Copy the line containing "Material: Steel, High Strength Low Alloy", then all lines after it up to and including the final line of the material, exactly and without additions.

(Beginning of MATERIAL PROVIDED)

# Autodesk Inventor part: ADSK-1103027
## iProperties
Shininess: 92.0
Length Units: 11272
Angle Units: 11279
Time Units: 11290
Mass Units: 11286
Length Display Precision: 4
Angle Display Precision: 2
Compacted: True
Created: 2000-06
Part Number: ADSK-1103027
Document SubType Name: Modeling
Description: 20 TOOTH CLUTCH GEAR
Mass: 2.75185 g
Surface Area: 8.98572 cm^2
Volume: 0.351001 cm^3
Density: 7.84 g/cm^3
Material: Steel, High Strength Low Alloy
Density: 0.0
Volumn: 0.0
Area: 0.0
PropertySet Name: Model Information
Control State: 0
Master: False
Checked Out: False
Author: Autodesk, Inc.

(End of MATERIAL PROVIDED)

> **WRITTEN SOLUTION**
Material: Steel, High Strength Low Alloy
Density: 0.0
Volumn: 0.0
Area: 0.0
PropertySet Name: Model Information
Control State: 0
Master: False
Checked Out: False
Author: Autodesk, Inc.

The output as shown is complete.